DATA SUPPLIED Block Start

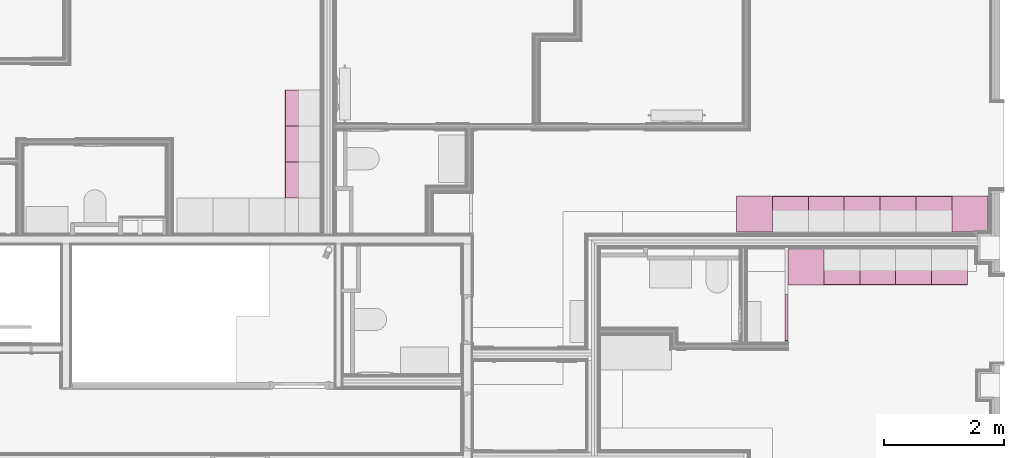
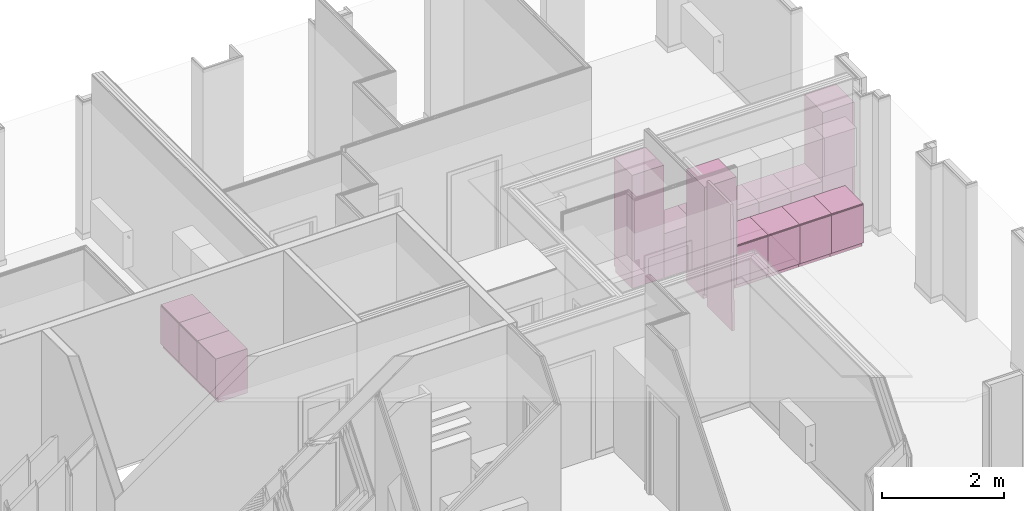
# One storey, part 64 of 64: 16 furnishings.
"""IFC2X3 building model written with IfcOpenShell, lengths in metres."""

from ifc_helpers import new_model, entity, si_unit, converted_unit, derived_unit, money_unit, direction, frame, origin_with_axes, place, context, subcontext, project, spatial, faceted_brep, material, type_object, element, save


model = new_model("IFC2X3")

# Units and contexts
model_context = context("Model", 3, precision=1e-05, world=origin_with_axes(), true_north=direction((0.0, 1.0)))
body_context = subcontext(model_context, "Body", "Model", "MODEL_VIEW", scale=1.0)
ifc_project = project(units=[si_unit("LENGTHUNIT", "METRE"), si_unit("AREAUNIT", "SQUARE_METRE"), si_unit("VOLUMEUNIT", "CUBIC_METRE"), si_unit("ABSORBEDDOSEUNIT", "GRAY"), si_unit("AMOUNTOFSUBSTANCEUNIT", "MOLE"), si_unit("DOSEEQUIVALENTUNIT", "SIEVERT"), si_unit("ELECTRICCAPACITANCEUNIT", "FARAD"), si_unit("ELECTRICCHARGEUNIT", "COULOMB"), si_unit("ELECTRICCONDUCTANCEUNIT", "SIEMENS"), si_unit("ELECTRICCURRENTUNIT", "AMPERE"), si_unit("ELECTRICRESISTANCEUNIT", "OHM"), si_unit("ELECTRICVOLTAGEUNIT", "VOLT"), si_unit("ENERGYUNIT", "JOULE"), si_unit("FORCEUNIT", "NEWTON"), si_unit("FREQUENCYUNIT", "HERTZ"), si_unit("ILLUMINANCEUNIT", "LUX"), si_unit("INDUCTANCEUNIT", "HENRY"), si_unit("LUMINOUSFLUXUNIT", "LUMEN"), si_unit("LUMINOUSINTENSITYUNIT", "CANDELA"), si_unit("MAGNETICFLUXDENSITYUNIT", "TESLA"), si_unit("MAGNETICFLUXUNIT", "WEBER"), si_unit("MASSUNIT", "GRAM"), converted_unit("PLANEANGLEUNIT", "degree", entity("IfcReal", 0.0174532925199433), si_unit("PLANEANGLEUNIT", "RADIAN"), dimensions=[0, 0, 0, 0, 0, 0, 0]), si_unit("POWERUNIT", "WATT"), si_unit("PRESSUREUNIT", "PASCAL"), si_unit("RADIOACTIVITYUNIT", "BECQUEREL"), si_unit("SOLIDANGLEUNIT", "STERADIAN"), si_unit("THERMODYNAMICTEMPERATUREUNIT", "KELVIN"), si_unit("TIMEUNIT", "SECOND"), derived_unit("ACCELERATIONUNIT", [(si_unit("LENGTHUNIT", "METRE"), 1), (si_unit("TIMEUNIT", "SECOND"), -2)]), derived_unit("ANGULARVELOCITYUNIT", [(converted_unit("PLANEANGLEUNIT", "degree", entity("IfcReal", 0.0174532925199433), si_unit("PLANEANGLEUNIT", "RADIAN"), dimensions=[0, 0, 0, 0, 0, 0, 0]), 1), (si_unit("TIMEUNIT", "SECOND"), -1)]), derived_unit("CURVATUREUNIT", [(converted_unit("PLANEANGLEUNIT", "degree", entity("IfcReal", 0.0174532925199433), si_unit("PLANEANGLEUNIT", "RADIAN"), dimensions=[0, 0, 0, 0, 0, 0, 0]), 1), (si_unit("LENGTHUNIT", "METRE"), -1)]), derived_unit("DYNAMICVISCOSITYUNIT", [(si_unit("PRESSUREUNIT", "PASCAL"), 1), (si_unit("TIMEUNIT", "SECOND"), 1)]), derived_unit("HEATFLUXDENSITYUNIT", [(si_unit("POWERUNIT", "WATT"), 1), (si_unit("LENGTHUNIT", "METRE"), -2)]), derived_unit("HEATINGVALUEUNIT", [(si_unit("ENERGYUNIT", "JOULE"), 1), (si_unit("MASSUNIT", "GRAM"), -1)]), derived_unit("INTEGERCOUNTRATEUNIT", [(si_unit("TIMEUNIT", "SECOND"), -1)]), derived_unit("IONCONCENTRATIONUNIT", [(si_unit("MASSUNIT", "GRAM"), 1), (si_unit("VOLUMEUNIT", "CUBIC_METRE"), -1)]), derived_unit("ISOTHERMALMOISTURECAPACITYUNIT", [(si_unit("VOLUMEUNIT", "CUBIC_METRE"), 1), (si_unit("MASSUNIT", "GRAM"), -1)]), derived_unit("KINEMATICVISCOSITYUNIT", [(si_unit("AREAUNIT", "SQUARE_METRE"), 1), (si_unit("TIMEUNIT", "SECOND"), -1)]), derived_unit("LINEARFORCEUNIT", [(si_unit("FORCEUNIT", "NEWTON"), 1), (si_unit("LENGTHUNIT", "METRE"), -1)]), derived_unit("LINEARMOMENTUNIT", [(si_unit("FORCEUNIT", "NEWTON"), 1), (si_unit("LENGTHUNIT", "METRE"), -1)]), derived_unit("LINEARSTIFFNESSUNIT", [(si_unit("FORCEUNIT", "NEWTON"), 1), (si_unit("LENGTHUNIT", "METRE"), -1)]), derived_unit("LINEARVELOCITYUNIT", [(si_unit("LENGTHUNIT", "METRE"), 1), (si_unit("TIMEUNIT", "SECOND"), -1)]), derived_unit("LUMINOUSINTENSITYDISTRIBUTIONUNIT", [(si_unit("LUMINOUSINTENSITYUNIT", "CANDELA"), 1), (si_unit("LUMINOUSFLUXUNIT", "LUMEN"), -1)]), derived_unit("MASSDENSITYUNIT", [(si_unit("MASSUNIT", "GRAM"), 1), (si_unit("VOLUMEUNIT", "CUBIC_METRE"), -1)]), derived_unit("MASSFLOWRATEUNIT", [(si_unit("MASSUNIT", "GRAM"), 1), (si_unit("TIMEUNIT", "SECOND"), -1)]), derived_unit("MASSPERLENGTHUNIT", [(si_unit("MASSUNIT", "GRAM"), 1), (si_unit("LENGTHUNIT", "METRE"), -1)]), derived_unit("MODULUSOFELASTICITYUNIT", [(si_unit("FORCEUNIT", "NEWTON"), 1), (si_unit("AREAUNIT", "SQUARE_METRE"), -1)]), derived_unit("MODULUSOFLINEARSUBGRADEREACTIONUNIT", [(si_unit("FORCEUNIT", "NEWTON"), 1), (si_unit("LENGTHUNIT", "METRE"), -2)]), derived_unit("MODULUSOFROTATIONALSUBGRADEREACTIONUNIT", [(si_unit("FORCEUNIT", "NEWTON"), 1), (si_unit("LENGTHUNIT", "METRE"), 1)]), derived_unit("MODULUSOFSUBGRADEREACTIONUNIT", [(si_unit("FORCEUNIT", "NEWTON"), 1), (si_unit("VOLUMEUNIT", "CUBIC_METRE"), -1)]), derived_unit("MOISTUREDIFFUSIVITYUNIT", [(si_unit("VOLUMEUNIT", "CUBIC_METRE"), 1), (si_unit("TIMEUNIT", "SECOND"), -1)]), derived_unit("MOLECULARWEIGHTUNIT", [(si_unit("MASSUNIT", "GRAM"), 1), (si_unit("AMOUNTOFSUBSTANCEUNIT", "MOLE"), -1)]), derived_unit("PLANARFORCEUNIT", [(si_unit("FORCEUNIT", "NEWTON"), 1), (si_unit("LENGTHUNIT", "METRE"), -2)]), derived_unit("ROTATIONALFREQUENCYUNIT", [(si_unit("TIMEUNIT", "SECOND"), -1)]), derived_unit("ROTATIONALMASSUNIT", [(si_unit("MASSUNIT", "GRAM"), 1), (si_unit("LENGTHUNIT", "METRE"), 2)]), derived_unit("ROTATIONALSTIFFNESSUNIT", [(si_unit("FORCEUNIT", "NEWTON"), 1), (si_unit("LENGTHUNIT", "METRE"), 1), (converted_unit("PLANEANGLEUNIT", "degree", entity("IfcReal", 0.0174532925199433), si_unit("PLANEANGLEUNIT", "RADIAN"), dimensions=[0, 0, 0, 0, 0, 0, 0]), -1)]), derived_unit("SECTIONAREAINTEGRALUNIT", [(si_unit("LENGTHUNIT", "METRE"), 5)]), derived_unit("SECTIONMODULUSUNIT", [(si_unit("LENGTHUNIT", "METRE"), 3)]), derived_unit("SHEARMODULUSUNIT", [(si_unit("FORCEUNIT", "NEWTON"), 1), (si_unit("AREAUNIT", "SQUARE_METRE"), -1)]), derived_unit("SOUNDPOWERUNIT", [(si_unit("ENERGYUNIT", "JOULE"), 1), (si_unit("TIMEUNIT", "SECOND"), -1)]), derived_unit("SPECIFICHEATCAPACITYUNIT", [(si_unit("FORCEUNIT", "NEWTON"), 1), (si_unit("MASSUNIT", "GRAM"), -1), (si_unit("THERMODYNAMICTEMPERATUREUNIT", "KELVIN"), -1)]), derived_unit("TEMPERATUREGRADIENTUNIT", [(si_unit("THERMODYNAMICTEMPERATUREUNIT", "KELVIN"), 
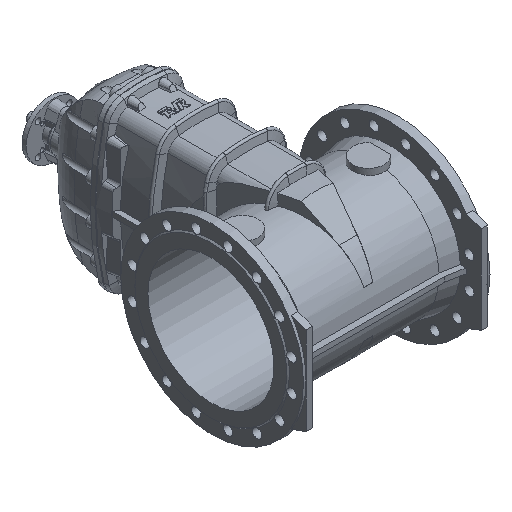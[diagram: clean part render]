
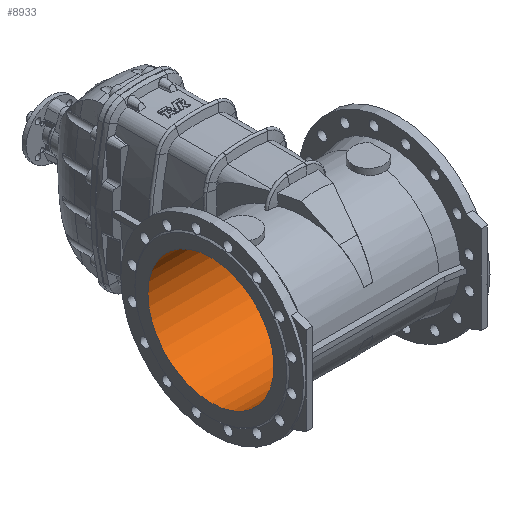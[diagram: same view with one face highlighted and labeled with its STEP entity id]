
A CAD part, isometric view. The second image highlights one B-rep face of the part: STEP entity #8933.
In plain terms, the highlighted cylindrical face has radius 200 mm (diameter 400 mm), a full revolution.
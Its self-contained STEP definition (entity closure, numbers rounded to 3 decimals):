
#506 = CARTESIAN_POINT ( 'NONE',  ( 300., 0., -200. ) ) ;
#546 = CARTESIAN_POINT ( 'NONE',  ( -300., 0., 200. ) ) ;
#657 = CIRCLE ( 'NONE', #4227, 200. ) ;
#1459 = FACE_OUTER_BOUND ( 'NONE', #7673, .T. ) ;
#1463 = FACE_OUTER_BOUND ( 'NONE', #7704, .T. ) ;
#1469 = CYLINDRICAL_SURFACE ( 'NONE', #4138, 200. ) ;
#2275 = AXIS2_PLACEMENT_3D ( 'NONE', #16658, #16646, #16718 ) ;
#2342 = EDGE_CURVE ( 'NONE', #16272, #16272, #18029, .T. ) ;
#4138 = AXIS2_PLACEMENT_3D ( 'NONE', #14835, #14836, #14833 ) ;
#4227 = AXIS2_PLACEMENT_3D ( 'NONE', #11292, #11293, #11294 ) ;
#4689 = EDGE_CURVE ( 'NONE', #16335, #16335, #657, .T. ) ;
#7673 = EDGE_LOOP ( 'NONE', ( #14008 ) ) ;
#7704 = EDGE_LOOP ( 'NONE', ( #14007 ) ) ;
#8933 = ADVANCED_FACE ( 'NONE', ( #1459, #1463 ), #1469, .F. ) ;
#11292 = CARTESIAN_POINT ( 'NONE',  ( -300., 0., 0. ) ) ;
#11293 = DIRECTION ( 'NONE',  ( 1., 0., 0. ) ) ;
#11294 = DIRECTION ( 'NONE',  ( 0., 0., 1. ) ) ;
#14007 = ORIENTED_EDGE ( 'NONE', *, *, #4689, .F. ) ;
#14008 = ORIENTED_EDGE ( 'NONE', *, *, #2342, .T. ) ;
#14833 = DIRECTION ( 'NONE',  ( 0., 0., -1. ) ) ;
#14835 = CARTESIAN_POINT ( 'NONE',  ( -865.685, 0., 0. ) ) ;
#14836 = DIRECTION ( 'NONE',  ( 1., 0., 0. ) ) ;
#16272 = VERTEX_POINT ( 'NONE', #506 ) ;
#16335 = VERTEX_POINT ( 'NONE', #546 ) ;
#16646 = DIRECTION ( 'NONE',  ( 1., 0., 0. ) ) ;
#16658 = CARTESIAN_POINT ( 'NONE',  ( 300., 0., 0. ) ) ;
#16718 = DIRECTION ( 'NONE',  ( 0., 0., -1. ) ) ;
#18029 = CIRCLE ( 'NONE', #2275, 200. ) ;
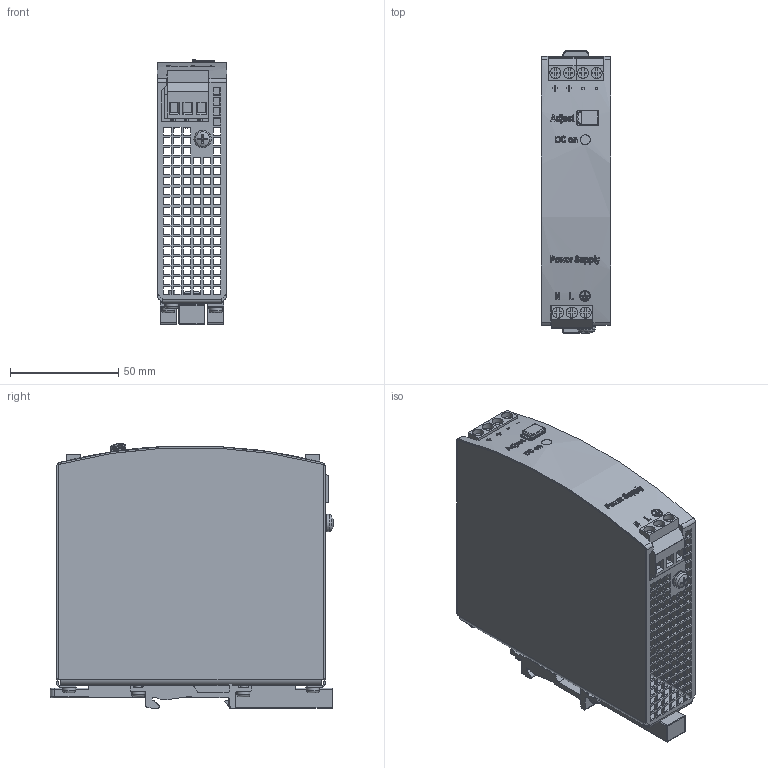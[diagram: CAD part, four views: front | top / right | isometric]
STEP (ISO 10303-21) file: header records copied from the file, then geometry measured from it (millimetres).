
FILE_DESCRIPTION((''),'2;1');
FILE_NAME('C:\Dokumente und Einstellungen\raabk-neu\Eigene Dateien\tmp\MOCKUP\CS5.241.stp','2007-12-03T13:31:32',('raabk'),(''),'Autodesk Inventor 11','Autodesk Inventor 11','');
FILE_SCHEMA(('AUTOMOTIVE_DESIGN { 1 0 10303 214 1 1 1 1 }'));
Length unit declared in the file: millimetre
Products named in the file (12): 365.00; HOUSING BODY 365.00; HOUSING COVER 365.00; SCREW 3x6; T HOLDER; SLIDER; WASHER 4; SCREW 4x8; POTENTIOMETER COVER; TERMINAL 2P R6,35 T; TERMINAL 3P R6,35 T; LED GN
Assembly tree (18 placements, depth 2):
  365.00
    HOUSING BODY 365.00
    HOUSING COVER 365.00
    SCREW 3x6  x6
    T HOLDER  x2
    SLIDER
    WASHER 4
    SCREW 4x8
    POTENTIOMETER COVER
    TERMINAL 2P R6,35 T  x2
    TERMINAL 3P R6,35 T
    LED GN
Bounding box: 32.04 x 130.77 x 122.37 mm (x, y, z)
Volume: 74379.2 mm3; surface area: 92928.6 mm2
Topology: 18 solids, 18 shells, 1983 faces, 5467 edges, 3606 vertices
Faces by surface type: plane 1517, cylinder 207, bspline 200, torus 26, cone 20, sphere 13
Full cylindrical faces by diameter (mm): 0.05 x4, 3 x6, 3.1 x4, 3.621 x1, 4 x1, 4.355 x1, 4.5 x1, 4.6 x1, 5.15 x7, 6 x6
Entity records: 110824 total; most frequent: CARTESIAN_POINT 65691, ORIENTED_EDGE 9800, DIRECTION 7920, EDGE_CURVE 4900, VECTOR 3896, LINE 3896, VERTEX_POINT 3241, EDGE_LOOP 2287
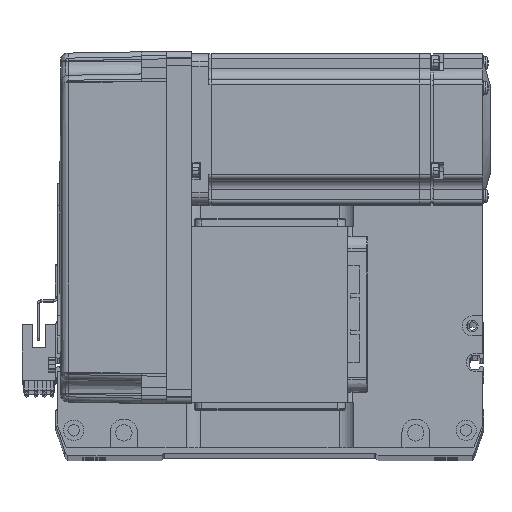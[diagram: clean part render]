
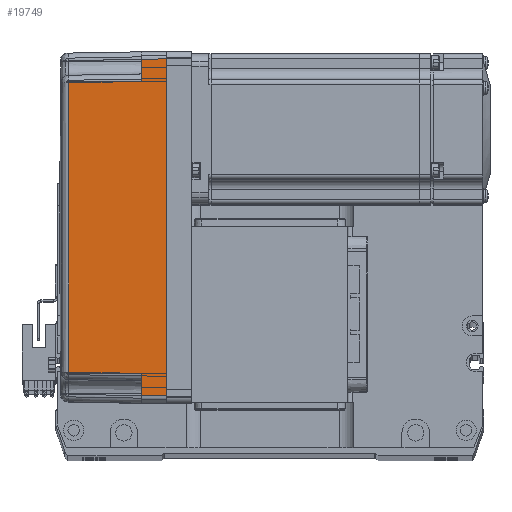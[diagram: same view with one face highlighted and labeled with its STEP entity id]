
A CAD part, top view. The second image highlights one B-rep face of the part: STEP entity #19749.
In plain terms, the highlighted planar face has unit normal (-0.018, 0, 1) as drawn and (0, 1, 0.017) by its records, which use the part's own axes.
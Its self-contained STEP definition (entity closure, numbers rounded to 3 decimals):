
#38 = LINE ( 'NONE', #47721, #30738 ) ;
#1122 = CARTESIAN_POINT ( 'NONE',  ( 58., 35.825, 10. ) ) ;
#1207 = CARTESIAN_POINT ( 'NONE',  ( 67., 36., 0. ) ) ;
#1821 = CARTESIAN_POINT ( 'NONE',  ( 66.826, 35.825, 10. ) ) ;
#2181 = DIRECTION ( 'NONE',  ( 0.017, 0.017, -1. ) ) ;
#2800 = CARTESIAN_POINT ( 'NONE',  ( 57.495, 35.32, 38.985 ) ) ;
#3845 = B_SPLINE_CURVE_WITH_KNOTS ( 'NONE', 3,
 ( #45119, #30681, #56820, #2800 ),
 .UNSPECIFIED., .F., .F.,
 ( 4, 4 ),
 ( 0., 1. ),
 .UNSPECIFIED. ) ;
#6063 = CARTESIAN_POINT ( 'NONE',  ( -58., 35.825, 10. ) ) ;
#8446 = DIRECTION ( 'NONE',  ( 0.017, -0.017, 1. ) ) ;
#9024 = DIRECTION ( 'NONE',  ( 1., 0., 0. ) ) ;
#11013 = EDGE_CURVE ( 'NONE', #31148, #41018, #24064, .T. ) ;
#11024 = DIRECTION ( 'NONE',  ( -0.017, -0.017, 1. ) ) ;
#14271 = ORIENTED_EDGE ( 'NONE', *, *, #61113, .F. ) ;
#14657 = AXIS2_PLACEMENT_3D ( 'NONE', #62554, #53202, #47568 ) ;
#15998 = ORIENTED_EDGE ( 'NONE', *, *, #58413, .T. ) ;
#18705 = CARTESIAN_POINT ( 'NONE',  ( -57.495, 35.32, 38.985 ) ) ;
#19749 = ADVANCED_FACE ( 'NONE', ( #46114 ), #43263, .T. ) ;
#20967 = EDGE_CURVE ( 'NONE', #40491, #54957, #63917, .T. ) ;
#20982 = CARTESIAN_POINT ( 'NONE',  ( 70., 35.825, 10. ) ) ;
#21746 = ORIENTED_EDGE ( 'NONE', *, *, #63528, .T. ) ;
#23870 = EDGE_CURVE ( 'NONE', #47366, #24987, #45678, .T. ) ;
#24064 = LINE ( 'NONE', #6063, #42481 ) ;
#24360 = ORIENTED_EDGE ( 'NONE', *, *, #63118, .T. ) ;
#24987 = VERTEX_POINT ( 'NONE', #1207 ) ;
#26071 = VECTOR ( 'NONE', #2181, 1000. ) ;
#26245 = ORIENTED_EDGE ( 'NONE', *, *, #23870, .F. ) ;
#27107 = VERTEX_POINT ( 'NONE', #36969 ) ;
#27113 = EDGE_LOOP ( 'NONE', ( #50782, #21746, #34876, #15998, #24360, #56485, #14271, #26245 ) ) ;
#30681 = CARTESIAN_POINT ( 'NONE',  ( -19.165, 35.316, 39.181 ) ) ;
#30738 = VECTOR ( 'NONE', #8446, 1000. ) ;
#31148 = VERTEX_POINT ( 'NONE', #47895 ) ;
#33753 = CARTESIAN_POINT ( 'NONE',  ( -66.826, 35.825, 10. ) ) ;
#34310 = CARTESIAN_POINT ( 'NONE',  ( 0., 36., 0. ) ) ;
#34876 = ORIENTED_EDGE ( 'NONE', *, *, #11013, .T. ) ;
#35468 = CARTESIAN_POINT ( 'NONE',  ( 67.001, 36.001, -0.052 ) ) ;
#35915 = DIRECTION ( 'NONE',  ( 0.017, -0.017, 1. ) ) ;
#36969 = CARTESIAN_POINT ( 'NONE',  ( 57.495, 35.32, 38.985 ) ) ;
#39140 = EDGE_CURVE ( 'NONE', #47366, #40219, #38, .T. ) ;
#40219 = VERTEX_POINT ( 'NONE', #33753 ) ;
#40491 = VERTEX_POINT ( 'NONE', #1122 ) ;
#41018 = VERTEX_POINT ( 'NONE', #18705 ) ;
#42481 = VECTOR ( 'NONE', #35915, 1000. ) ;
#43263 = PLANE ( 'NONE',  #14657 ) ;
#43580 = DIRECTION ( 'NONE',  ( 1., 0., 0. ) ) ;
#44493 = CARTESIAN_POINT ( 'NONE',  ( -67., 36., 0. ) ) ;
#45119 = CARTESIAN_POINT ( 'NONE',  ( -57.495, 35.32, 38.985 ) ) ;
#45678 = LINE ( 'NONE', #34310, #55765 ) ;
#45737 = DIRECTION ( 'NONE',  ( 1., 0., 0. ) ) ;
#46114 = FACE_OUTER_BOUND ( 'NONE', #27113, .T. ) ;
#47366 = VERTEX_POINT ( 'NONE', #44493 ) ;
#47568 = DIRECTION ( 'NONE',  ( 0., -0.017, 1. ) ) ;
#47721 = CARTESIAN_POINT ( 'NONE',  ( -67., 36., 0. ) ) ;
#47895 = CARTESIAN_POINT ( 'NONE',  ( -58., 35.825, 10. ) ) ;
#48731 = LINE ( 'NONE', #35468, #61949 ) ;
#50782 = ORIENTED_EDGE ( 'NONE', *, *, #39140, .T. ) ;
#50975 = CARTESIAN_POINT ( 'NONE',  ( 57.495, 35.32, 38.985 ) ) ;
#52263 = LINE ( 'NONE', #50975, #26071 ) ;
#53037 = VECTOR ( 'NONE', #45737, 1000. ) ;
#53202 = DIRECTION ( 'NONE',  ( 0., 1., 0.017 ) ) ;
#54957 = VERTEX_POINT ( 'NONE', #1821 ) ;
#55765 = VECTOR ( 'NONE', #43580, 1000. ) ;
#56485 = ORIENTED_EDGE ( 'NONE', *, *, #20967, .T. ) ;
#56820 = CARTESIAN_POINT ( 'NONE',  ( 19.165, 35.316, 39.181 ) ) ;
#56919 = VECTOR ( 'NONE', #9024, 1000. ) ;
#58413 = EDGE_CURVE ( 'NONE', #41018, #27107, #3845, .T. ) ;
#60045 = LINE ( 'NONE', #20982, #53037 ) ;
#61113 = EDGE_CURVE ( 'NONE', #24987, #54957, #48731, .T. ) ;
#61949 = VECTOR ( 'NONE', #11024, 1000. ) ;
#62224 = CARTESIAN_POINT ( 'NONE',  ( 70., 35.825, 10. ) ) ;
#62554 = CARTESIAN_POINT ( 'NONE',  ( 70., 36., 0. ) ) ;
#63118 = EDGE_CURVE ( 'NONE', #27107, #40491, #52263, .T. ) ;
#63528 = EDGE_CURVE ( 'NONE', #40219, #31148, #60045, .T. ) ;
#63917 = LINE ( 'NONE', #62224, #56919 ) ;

DATA SUPPLIED Block End

Print again the lines of the entries above that fall between the line holding "Topology: 18 solids, 18" and the line holding "Full cylindrical faces", inclusive, exactly as they stand.

Topology: 18 solids, 18 shells, 1983 faces, 5467 edges, 3606 vertices
Faces by surface type: plane 1517, cylinder 207, bspline 200, torus 26, cone 20, sphere 13
Full cylindrical faces by diameter (mm): 0.05 x4, 3 x6, 3.1 x4, 3.621 x1, 4 x1, 4.355 x1, 4.5 x1, 4.6 x1, 5.15 x7, 6 x6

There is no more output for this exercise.